Todavia, há ainda um outro ponto levantado pelo estudo. Segundo Wolfe, a alteração no clima amazônico parece estar afetando especialmente aves com maior longevidade. Em geral, os pássaros de sub-bosques tropicais têm vidas mais longas e investem mais na própria sobrevivência do que na reprodução.

“Se há uma menor oferta de alimentos, essas aves provavelmente diminuirão ainda mais seus esforços de reprodução e desistirão por completo, por simplesmente não terão a capacidade energética para tal”, sugere o pesquisador.
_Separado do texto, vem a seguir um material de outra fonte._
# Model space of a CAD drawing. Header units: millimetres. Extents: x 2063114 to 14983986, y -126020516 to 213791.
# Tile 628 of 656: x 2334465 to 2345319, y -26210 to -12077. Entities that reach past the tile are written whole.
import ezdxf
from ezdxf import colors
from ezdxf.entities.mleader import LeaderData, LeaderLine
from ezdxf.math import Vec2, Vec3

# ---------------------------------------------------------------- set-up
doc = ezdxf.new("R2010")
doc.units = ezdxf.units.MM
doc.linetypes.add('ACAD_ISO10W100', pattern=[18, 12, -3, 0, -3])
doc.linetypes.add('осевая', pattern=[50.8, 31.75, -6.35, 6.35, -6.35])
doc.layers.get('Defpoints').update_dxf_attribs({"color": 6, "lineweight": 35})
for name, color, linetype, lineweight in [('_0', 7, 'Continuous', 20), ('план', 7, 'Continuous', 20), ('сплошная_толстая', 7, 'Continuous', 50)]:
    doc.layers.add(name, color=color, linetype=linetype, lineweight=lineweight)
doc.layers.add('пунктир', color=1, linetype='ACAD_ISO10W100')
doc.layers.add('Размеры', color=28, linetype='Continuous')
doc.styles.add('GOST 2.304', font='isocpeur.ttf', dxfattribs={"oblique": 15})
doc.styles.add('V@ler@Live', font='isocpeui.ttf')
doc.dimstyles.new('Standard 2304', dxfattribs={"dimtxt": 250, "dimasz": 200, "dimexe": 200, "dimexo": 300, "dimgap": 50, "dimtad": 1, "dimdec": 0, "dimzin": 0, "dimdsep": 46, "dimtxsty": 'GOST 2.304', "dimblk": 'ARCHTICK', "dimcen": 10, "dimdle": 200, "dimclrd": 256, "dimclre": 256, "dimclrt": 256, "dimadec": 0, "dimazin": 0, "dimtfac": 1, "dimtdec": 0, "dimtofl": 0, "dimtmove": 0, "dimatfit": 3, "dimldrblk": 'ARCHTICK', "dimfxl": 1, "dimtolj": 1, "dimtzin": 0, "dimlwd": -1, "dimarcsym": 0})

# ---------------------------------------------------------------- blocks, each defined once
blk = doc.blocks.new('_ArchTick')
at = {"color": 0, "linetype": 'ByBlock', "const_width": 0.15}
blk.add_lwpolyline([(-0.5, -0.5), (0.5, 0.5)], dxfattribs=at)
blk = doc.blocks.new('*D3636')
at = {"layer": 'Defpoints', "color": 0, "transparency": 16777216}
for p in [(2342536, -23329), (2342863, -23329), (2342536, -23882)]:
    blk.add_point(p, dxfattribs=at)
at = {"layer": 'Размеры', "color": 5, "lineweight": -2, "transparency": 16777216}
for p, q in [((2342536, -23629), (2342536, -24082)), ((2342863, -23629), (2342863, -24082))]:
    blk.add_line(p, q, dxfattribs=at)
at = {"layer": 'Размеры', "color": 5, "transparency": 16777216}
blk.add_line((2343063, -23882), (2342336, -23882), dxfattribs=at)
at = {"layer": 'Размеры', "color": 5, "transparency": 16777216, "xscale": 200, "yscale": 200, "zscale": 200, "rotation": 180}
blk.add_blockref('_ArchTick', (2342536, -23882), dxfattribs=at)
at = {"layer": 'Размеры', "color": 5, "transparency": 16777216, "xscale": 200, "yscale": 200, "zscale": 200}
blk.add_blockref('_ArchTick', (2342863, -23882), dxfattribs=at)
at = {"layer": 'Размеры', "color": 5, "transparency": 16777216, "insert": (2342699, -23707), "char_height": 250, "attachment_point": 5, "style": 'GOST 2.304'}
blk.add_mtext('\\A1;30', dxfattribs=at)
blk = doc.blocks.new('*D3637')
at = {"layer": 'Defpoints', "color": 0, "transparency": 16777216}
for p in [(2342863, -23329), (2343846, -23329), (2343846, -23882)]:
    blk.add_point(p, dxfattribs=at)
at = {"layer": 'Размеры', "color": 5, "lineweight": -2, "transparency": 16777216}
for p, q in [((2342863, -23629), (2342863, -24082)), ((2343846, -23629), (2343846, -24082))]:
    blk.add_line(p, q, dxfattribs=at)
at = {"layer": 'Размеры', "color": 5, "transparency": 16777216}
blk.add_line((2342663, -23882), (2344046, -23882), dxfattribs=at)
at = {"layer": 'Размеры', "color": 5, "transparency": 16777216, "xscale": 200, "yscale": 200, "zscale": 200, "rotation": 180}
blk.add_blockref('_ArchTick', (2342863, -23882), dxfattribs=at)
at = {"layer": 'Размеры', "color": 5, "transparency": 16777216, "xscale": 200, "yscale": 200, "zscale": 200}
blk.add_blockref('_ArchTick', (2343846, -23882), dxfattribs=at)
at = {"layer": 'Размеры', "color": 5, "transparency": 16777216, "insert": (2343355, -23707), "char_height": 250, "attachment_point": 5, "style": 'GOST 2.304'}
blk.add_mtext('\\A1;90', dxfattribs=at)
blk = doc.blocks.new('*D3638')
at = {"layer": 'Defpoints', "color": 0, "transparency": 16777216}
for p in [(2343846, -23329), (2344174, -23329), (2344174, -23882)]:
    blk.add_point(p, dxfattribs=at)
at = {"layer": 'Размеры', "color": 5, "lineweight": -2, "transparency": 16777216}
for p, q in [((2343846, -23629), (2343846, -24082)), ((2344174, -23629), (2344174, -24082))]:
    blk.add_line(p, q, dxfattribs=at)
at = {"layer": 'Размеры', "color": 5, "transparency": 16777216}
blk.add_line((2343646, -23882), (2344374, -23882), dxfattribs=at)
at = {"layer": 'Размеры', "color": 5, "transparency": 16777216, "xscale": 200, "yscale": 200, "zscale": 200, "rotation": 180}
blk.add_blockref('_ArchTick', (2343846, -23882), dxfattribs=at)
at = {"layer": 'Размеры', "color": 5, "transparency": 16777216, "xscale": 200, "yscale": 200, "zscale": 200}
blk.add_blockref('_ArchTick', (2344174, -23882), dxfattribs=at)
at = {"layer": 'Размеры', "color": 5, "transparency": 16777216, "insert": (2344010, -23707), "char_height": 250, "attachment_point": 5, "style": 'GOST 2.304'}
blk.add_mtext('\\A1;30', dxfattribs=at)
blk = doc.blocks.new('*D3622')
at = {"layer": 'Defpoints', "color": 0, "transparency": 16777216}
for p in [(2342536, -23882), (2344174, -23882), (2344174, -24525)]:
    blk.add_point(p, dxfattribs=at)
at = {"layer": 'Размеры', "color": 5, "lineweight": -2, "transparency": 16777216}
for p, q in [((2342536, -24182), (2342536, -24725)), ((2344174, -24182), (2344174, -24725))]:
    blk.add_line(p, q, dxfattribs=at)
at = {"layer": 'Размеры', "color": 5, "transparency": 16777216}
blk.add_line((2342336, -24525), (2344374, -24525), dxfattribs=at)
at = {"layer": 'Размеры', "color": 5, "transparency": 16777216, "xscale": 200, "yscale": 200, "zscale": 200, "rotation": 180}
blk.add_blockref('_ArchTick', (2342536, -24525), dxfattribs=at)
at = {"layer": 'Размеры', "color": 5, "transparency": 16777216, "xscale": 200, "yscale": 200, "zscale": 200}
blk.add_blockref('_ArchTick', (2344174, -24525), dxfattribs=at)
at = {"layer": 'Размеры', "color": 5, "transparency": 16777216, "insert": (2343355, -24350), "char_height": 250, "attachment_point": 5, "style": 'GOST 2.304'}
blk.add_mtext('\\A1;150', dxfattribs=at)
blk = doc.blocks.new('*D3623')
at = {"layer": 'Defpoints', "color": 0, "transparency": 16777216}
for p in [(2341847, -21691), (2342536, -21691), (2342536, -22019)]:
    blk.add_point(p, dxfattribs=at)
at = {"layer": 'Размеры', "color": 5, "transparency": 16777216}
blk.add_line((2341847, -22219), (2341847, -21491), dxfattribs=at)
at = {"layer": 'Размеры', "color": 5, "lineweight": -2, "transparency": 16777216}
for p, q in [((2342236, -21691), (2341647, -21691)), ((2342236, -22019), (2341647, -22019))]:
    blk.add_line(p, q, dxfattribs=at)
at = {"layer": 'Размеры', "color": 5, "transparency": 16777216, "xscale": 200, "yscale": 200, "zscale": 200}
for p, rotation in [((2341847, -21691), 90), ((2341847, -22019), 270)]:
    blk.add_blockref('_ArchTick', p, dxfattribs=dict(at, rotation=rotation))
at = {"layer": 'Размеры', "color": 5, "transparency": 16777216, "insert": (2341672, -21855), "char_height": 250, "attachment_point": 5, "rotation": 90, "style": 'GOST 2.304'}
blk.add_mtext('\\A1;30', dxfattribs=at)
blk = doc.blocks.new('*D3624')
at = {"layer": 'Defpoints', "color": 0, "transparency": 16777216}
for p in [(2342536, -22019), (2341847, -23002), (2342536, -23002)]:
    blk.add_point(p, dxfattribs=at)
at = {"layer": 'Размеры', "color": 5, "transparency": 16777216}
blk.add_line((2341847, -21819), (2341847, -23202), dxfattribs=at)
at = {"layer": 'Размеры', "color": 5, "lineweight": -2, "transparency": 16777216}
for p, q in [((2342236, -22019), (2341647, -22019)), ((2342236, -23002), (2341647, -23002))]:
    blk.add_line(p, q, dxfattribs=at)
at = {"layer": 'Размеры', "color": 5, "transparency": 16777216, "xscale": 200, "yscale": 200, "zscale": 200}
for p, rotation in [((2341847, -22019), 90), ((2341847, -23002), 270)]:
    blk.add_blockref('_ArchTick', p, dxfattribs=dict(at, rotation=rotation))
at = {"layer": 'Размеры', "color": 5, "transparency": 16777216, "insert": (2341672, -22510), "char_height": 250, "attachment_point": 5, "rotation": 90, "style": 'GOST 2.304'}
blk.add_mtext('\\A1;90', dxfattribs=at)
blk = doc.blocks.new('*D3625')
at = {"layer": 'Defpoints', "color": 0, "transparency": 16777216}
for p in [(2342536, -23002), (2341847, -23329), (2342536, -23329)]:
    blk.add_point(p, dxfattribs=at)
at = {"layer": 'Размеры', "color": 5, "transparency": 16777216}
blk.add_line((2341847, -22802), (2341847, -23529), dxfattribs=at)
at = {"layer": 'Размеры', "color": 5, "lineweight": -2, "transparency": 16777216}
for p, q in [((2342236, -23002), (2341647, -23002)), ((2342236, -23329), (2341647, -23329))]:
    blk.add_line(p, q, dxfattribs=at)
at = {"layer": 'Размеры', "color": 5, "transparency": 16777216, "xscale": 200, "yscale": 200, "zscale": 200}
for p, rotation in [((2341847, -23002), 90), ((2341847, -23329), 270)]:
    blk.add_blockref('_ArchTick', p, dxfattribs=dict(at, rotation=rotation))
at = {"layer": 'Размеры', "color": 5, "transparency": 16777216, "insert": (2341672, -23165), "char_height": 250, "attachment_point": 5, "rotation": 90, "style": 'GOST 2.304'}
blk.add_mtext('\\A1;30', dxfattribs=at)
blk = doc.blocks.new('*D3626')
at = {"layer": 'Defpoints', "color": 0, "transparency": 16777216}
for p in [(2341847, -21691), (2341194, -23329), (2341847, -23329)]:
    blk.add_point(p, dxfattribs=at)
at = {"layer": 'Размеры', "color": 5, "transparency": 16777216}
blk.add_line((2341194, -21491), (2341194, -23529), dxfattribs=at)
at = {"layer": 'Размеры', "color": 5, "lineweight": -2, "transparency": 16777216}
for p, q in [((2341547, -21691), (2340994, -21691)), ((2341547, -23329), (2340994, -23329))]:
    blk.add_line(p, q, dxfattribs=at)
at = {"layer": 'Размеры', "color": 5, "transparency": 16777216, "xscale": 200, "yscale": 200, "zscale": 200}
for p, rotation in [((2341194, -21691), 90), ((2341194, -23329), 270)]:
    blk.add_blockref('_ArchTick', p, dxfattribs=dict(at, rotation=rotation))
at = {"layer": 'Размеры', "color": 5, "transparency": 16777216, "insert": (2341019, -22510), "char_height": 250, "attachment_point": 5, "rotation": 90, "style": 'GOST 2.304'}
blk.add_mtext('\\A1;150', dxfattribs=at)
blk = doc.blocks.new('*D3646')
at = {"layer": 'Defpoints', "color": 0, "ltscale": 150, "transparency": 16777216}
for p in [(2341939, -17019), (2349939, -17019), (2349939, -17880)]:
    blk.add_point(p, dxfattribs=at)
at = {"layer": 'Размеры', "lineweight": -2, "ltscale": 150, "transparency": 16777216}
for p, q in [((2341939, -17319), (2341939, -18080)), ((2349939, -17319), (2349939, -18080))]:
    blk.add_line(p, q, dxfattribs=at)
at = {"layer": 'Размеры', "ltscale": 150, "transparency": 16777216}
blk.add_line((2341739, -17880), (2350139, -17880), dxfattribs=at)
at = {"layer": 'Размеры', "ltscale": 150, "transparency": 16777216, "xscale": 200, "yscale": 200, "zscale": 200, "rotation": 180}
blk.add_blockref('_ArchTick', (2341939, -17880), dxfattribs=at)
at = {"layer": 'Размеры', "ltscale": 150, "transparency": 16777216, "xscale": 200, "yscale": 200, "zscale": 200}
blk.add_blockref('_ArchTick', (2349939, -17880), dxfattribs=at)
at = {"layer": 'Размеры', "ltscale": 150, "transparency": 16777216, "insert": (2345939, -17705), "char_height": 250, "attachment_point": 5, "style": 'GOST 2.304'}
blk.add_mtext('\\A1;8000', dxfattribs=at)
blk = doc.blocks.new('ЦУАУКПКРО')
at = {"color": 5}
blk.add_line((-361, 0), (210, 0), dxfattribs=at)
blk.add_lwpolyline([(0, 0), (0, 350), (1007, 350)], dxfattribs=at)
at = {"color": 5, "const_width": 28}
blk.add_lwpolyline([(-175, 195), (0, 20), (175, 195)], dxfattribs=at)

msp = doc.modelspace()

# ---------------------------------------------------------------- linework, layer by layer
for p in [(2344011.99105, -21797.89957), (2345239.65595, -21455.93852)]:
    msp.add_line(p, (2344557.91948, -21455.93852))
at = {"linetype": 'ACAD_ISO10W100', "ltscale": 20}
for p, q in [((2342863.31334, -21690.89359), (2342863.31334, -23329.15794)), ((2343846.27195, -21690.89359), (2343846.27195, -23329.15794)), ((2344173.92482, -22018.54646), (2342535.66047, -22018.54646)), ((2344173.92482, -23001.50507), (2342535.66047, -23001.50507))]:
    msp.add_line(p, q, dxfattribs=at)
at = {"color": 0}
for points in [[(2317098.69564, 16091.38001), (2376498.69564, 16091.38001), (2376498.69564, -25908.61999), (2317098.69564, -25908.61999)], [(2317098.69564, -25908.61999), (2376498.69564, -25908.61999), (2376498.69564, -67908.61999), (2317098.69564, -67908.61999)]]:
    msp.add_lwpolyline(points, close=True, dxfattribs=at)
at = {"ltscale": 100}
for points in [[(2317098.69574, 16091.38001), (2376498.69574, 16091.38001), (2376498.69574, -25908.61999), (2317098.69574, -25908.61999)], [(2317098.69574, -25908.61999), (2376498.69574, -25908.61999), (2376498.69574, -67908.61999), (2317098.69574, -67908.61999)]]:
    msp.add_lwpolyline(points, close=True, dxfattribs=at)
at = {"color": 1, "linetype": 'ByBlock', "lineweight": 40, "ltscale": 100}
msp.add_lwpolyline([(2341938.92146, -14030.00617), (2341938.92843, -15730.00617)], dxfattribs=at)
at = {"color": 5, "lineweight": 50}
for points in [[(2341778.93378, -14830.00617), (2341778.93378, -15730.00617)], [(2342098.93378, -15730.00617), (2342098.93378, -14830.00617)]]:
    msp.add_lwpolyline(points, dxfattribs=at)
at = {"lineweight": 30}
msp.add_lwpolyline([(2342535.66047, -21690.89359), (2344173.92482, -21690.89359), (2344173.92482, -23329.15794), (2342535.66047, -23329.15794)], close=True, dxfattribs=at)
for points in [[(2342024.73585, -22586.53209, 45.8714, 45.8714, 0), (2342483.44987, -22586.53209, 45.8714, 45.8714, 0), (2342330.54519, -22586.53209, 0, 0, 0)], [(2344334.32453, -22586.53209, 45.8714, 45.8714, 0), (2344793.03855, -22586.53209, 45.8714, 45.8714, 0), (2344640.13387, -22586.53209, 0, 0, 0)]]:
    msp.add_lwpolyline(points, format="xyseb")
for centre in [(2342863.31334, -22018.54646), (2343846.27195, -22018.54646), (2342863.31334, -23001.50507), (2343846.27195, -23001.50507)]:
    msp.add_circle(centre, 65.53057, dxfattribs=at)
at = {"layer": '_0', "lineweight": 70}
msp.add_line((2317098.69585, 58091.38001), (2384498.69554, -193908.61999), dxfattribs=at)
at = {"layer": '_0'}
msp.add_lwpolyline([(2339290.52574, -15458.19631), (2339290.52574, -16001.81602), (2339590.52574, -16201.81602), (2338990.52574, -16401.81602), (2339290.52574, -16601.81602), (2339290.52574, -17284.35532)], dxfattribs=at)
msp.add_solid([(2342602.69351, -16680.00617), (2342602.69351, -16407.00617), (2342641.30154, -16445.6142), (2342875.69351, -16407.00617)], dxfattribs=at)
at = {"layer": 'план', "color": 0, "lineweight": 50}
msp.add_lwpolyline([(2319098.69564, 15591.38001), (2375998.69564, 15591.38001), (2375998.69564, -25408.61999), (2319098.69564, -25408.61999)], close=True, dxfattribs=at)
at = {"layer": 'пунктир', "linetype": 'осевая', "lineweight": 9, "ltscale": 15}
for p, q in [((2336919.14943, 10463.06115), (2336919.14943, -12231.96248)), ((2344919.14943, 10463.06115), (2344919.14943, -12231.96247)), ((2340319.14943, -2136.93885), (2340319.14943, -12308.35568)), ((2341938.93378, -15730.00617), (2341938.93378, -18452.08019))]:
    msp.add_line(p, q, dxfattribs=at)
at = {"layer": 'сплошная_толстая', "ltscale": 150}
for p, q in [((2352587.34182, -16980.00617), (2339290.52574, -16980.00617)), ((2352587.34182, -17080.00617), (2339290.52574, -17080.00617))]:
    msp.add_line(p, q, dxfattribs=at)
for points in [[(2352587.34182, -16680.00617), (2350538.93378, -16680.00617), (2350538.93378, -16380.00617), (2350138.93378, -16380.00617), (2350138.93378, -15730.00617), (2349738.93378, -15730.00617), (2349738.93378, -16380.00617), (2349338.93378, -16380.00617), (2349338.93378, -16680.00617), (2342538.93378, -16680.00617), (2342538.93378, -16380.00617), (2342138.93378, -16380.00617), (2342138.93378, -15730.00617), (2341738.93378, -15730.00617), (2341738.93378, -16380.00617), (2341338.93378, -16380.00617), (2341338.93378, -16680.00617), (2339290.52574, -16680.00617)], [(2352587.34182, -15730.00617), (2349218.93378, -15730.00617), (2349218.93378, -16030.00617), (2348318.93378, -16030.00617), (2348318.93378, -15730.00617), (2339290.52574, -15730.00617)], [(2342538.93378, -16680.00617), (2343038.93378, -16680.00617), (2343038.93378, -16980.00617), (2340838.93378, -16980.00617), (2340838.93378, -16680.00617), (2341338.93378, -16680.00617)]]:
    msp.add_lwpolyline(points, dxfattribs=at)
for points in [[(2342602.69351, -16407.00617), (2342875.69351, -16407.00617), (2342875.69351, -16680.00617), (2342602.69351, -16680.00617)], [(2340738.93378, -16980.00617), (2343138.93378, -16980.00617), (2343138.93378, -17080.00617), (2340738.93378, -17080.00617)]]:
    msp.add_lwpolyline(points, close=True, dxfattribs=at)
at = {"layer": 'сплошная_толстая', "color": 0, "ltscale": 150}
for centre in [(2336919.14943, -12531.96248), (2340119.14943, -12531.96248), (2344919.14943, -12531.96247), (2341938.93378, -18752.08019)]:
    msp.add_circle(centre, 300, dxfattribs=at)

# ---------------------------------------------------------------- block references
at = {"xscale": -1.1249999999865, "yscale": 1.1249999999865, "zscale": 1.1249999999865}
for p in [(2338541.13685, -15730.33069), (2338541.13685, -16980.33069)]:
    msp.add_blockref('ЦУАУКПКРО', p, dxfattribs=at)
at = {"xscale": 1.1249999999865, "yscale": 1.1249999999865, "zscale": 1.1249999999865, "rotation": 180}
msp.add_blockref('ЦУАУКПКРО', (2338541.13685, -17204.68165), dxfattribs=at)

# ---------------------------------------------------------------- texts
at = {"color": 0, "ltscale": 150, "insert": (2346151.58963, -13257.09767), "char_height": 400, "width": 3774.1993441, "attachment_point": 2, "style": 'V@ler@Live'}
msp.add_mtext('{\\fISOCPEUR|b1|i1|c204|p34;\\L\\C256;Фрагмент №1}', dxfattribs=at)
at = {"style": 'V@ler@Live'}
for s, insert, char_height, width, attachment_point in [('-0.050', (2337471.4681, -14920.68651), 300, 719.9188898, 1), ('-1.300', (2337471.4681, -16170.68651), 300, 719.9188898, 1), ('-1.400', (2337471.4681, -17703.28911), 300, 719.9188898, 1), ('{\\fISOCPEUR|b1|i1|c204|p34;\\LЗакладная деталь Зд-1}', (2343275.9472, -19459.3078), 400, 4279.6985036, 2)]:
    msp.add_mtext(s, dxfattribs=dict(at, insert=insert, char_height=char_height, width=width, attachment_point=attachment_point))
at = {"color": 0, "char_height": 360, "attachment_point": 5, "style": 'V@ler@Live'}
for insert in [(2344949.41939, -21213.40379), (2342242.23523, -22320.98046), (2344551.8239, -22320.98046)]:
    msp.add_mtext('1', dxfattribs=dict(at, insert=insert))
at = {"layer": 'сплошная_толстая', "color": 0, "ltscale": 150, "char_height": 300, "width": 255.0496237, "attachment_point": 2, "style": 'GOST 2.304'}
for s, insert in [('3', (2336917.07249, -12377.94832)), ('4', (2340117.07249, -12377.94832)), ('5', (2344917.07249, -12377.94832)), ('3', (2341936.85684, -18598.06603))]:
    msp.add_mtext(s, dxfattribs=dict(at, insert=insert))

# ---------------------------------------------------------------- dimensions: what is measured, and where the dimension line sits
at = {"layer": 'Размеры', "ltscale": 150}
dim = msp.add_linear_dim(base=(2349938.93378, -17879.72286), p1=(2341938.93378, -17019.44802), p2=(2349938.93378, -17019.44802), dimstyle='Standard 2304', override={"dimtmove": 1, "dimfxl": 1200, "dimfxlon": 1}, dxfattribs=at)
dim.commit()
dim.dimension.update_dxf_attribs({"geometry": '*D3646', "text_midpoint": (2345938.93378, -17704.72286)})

O próximo passo dos biólogos é comparar os resultados obtidos agora com um novo estudo que avaliará o declínio de aves em trechos fragmentados de floresta e com um segundo projeto, já em andamento, em parceria com a Universidade Federal do Amazonas, em que uma área está sendo irrigada durante o período de seca para poder analisar a resposta dos pássaros a esse experimento.

“Estamos medindo os insetos, analisando o metabolismo de pássaros para saber quão bem alimentados eles estão e as condições de reprodução para entender como exatamente a temperatura afeta essas regiões de microclima”, ressalta Wolfe.

O que já se tem certeza, e não há mais necessidade de pesquisas futuras, é que, definitivamente, o aquecimento global está afetando a sobrevivência das aves da Amazônia.

“Se as altas temperaturas persistirem e os períodos de seca se tornarem mais intensos, a grande maioria das espécies continuará a diminuir até o momento em que elas não existirão mais”, alerta Luther. “E, à medida que se começa a perder mais e mais espécies, todo esse enorme e complexo ecossistema será impactado.”